Task to carry out -
One part of the entries below is wanted: the lines from the one containing "building_placement = place(site_placement, origin_with_axes())" through the one containing "x_axis=(0.0, -1.0, 0.0)))". Write those out exactly and nothing else.

Provided data -
◆ ◆ ◆ ◆ ◆ ◆ ◆

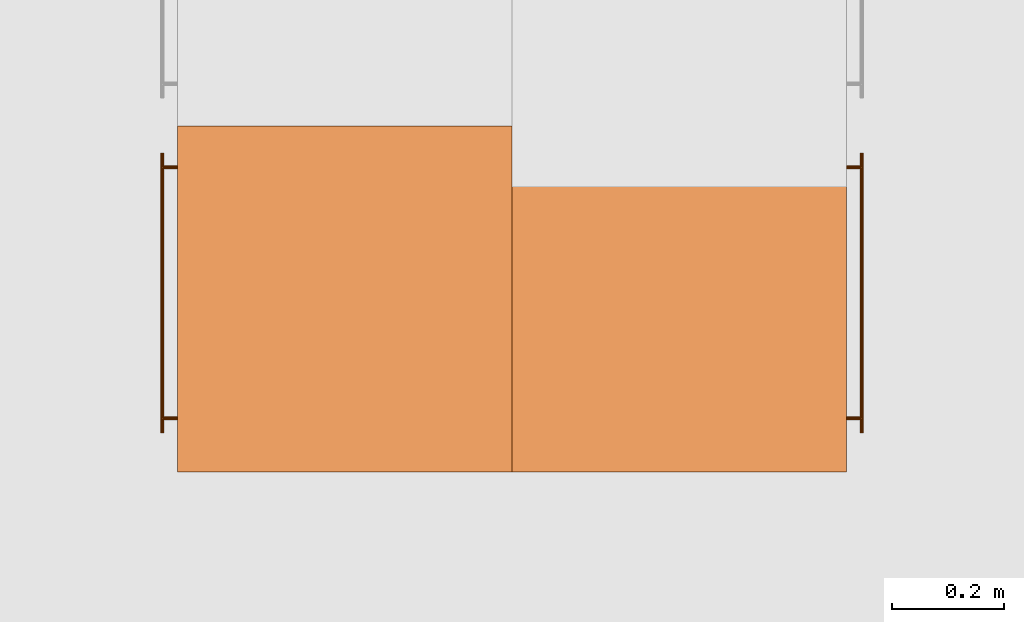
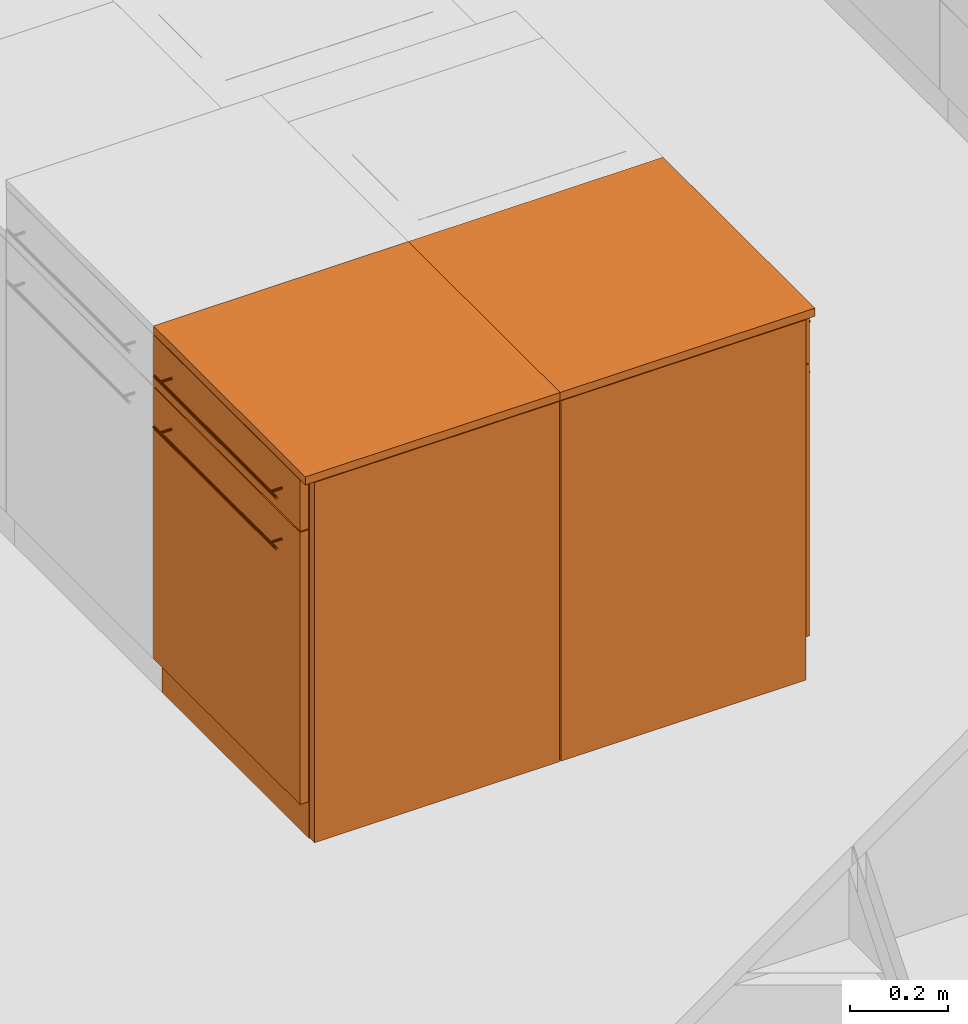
# One storey, part 142 of 167: 2 proxies.
"""IFC2X3 building model written with IfcOpenShell, lengths in millimetres."""

from ifc_helpers import new_model, entity, si_unit, converted_unit, derived_unit, money_unit, direction, frame, origin_with_axes, place, context, subcontext, project, spatial, open_shell, faceted_brep, surface_model, type_object, element, save


model = new_model("IFC2X3")

# Units and contexts
model_context = context("Model", 3, precision=0.01, world=origin_with_axes(), true_north=direction((0.0, 1.0)))
plan_context = context("Plan", 3, precision=0.01, world=origin_with_axes(), true_north=direction((0.0, 1.0)))
body_context = subcontext(model_context, "Body", "Model", "MODEL_VIEW")
ifc_project = project(units=[si_unit("LENGTHUNIT", "METRE", prefix="MILLI"), si_unit("AREAUNIT", "SQUARE_METRE"), si_unit("VOLUMEUNIT", "CUBIC_METRE"), converted_unit("PLANEANGLEUNIT", "DEGREE", entity("IfcPlaneAngleMeasure", 0.0174532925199), si_unit("PLANEANGLEUNIT", "RADIAN"), dimensions=[0, 0, 0, 0, 0, 0, 0]), si_unit("SOLIDANGLEUNIT", "STERADIAN"), money_unit("EUR"), converted_unit("TIMEUNIT", "Year", entity("IfcTimeMeasure", 31556926.0), si_unit("TIMEUNIT", "SECOND"), dimensions=[0, 0, 1, 0, 0, 0, 0]), si_unit("MASSUNIT", "GRAM", prefix="KILO"), si_unit("THERMODYNAMICTEMPERATUREUNIT", "DEGREE_CELSIUS"), si_unit("LUMINOUSINTENSITYUNIT", "LUMEN"), si_unit("ENERGYUNIT", "JOULE", prefix="MEGA"), derived_unit("THERMALCONDUCTANCEUNIT", [(si_unit("POWERUNIT", "WATT"), 1), (si_unit("LENGTHUNIT", "METRE"), -1), (si_unit("THERMODYNAMICTEMPERATUREUNIT", "KELVIN"), -1)]), derived_unit("SPECIFICHEATCAPACITYUNIT", [(si_unit("ENERGYUNIT", "JOULE"), 1), (si_unit("MASSUNIT", "GRAM", prefix="KILO"), -1), (si_unit("THERMODYNAMICTEMPERATUREUNIT", "KELVIN"), -1)]), derived_unit("MASSDENSITYUNIT", [(si_unit("MASSUNIT", "GRAM", prefix="KILO"), 1), (si_unit("VOLUMEUNIT", "CUBIC_METRE"), -1)])], contexts=[model_context, plan_context])

# Site, building, storey
site_placement = place(None, origin_with_axes())
site = spatial("IfcSite", under=ifc_project, at=site_placement, Name="Site", CompositionType="ELEMENT")
building_placement = place(site_placement, origin_with_axes())
building = spatial("IfcBuilding", under=site, at=building_placement, Name="Naam gebouw", CompositionType="ELEMENT")
storey_placement = place(building_placement, origin_with_axes())
storey = spatial("IfcBuildingStorey", under=building, at=storey_placement, Name="Begane grond", CompositionType="ELEMENT", Elevation=0.0)

# Proxies
building_element_proxy_type = type_object("IfcBuildingElementProxyType", Name="Kast basis 1D 24", PredefinedType="NOTDEFINED")
proxy_1_placement = place(storey_placement, frame((25475.0, 26466.7322881, 0.0), z_axis=(0.0, 0.0, 1.0), x_axis=(0.0, -1.0, 0.0)))
element("IfcBuildingElementProxy", 1, at=proxy_1_placement, inside=storey, type_object=building_element_proxy_type, Name="__Object-x", context=body_context, shape_type="SurfaceModel", body=[
    faceted_brep([(20.0, 20.0, 760.0), (580.0, 20.0, 760.0), (580.0, 20.0, 780.0), (20.0, 20.0, 780.0), (20.0, 580.0, 760.0), (580.0, 580.0, 760.0), (580.0, 580.0, 780.0), (20.0, 580.0, 780.0)], [[[0, 1, 2, 3]], [[0, 4, 5, 1]], [[1, 5, 6, 2]], [[3, 2, 6, 7]], [[4, 0, 3, 7]], [[5, 4, 7, 6]]]),
    faceted_brep([(0.0, 20.0, 0.0), (600.0, 20.0, 0.0), (600.0, 20.0, 90.0), (0.0, 20.0, 90.0), (0.0, 600.0, 0.0), (600.0, 600.0, 0.0), (600.0, 600.0, 90.0), (0.0, 600.0, 90.0)], [[[0, 1, 2, 3]], [[0, 4, 5, 1]], [[1, 5, 6, 2]], [[3, 2, 6, 7]], [[4, 0, 3, 7]], [[5, 4, 7, 6]]]),
    faceted_brep([(0.0, 20.0, 880.0), (20.0, 20.0, 880.0), (20.0, 20.0, 900.0), (0.0, 20.0, 900.0), (0.0, 600.0, 880.0), (20.0, 600.0, 880.0), (580.0, 600.0, 880.0), (600.0, 600.0, 880.0), (600.0, 20.0, 880.0), (580.0, 20.0, 880.0), (580.0, 20.0, 900.0), (600.0, 20.0, 900.0), (600.0, 600.0, 900.0), (580.0, 600.0, 900.0), (20.0, 600.0, 900.0), (0.0, 600.0, 900.0)], [[[0, 1, 2, 3]], [[0, 4, 5, 6, 7, 8, 9, 1]], [[1, 9, 10, 2]], [[3, 2, 10, 11, 12, 13, 14, 15]], [[4, 0, 3, 15]], [[5, 4, 15, 14]], [[6, 5, 14, 13]], [[7, 6, 13, 12]], [[8, 7, 12, 11]], [[9, 8, 11, 10]]]),
    faceted_brep([(0.0, 20.0, 90.0), (20.0, 20.0, 90.0), (20.0, 20.0, 110.0), (0.0, 20.0, 110.0), (0.0, 600.0, 90.0), (20.0, 600.0, 90.0), (580.0, 600.0, 90.0), (600.0, 600.0, 90.0), (600.0, 20.0, 90.0), (580.0, 20.0, 90.0), (580.0, 20.0, 110.0), (600.0, 20.0, 110.0), (600.0, 600.0, 110.0), (580.0, 600.0, 110.0), (20.0, 600.0, 110.0), (0.0, 600.0, 110.0)], [[[0, 1, 2, 3]], [[0, 4, 5, 6, 7, 8, 9, 1]], [[1, 9, 10, 2]], [[3, 2, 10, 11, 12, 13, 14, 15]], [[4, 0, 3, 15]], [[5, 4, 15, 14]], [[6, 5, 14, 13]], [[7, 6, 13, 12]], [[8, 7, 12, 11]], [[9, 8, 11, 10]]]),
    faceted_brep([(0.0, 20.0, 110.0), (20.0, 20.0, 110.0), (20.0, 20.0, 880.0), (0.0, 20.0, 880.0), (0.0, 600.0, 110.0), (600.0, 600.0, 110.0), (600.0, 20.0, 110.0), (580.0, 20.0, 110.0), (580.0, 580.0, 110.0), (20.0, 580.0, 110.0), (20.0, 580.0, 880.0), (580.0, 580.0, 880.0), (580.0, 20.0, 880.0), (600.0, 20.0, 880.0), (600.0, 600.0, 880.0), (0.0, 600.0, 880.0)], [[[0, 1, 2, 3]], [[0, 4, 5, 6, 7, 8, 9, 1]], [[1, 9, 10, 2]], [[3, 2, 10, 11, 12, 13, 14, 15]], [[4, 0, 3, 15]], [[5, 4, 15, 14]], [[6, 5, 14, 13]], [[7, 6, 13, 12]], [[8, 7, 12, 11]], [[9, 8, 11, 10]]]),
    faceted_brep([(580.0, 20.0, 410.0), (580.0, 580.0, 410.0), (580.0, 580.0, 430.0), (580.0, 20.0, 430.0), (20.0, 20.0, 410.0), (20.0, 580.0, 410.0), (20.0, 580.0, 430.0), (20.0, 20.0, 430.0)], [[[0, 1, 2, 3]], [[0, 4, 5, 1]], [[1, 5, 6, 2]], [[3, 2, 6, 7]], [[4, 0, 3, 7]], [[5, 4, 7, 6]]]),
    faceted_brep([(0.0, 0.0, 900.0), (620.0, 0.0, 900.0), (620.0, 0.0, 920.0), (0.0, 0.0, 920.0), (0.0, 600.0, 900.0), (620.0, 600.0, 900.0), (620.0, 600.0, 920.0), (0.0, 600.0, 920.0)], [[[0, 1, 2, 3]], [[0, 4, 5, 1]], [[1, 5, 6, 2]], [[3, 2, 6, 7]], [[4, 0, 3, 7]], [[5, 4, 7, 6]]]),
    faceted_brep([(1.5, 20.0, 771.5), (598.5, 20.0, 771.5), (598.5, 0.0, 771.5), (1.5, 0.0, 771.5), (1.5, 20.0, 898.5), (598.5, 20.0, 898.5), (598.5, 0.0, 898.5), (1.5, 0.0, 898.5)], [[[0, 1, 2, 3]], [[0, 4, 5, 1]], [[1, 5, 6, 2]], [[3, 2, 6, 7]], [[4, 0, 3, 7]], [[5, 4, 7, 6]]]),
    faceted_brep([(50.0, -28.1480502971, 832.228361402), (50.0, -29.1213203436, 832.878679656), (50.0, -29.7716385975, 833.851949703), (50.0, -30.0, 835.0), (50.0, -29.7716385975, 836.148050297), (50.0, -29.1213203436, 837.121320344), (50.0, -28.1480502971, 837.771638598), (50.0, -27.0, 838.0), (50.0, -25.8519497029, 837.771638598), (50.0, -24.8786796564, 837.121320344), (50.0, -24.2283614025, 836.148050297), (50.0, -24.0, 835.0), (50.0, -24.2283614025, 833.851949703), (50.0, -24.8786796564, 832.878679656), (50.0, -25.8519497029, 832.228361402), (50.0, -27.0, 832.0), (550.0, -28.1480502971, 832.228361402), (550.0, -29.1213203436, 832.878679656), (550.0, -29.7716385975, 833.851949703), (550.0, -30.0, 835.0), (550.0, -29.7716385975, 836.148050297), (550.0, -29.1213203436, 837.121320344), (550.0, -28.1480502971, 837.771638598), (550.0, -27.0, 838.0), (550.0, -25.8519497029, 837.771638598), (550.0, -24.8786796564, 837.121320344), (550.0, -24.2283614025, 836.148050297), (550.0, -24.0, 835.0), (550.0, -24.2283614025, 833.851949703), (550.0, -24.8786796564, 832.878679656), (550.0, -25.8519497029, 832.228361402), (550.0, -27.0, 832.0)], [[[0, 1, 2, 3, 4, 5, 6, 7, 8, 9, 10, 11, 12, 13, 14, 15]], [[1, 0, 16, 17]], [[2, 1, 17, 18]], [[3, 2, 18, 19]], [[4, 3, 19, 20]], [[5, 4, 20, 21]], [[6, 5, 21, 22]], [[7, 6, 22, 23]], [[8, 7, 23, 24]], [[9, 8, 24, 25]], [[10, 9, 25, 26]], [[11, 10, 26, 27]], [[12, 11, 27, 28]], [[13, 12, 28, 29]], [[14, 13, 29, 30]], [[15, 14, 30, 31]], [[0, 15, 31, 16]], [[16, 31, 30, 29, 28, 27, 26, 25, 24, 23, 22, 21, 20, 19, 18, 17]]]),
    surface_model("IfcShellBasedSurfaceModel", [(72.6903011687, -24.156637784, 834.043291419), (72.5, -24.0, 835.0), (72.5, 0.0, 835.0), (72.6903011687, 0.0, 834.043291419), (72.6903011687, -24.156637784, 835.956708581), (72.6903011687, 0.0, 835.956708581), (73.232233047, 0.0, 836.767766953), (74.0432914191, 0.0, 837.309698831), (75.0, 0.0, 837.5), (75.9567085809, 0.0, 837.309698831), (76.767766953, 0.0, 836.767766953), (77.3096988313, 0.0, 835.956708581), (77.5, 0.0, 835.0), (77.3096988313, 0.0, 834.043291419), (76.767766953, 0.0, 833.232233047), (75.9567085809, 0.0, 832.690301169), (75.0, 0.0, 832.5), (74.0432914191, 0.0, 832.690301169), (73.232233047, 0.0, 833.232233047), (73.232233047, -24.5761600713, 833.232233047), (73.232233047, -24.5761600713, 836.767766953), (74.0432914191, -25.0855049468, 837.309698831), (75.0, -25.3416876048, 837.5), (75.9567085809, -25.0855049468, 837.309698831), (76.767766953, -24.5761600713, 836.767766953), (77.3096988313, -24.156637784, 835.956708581), (77.5, -24.0, 835.0), (77.3096988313, -24.156637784, 834.043291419), (76.767766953, -24.5761600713, 833.232233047), (75.9567085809, -25.0855049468, 832.690301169), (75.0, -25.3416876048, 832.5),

◆ ◆ ◆ ◆ ◆ ◆ ◆

Written reply -
building_placement = place(site_placement, origin_with_axes())
building = spatial("IfcBuilding", under=site, at=building_placement, Name="Naam gebouw", CompositionType="ELEMENT")
storey_placement = place(building_placement, origin_with_axes())
storey = spatial("IfcBuildingStorey", under=building, at=storey_placement, Name="Begane grond", CompositionType="ELEMENT", Elevation=0.0)

# Proxies
building_element_proxy_type = type_object("IfcBuildingElementProxyType", Name="Kast basis 1D 24", PredefinedType="NOTDEFINED")
proxy_1_placement = place(storey_placement, frame((25475.0, 26466.7322881, 0.0), z_axis=(0.0, 0.0, 1.0), x_axis=(0.0, -1.0, 0.0)))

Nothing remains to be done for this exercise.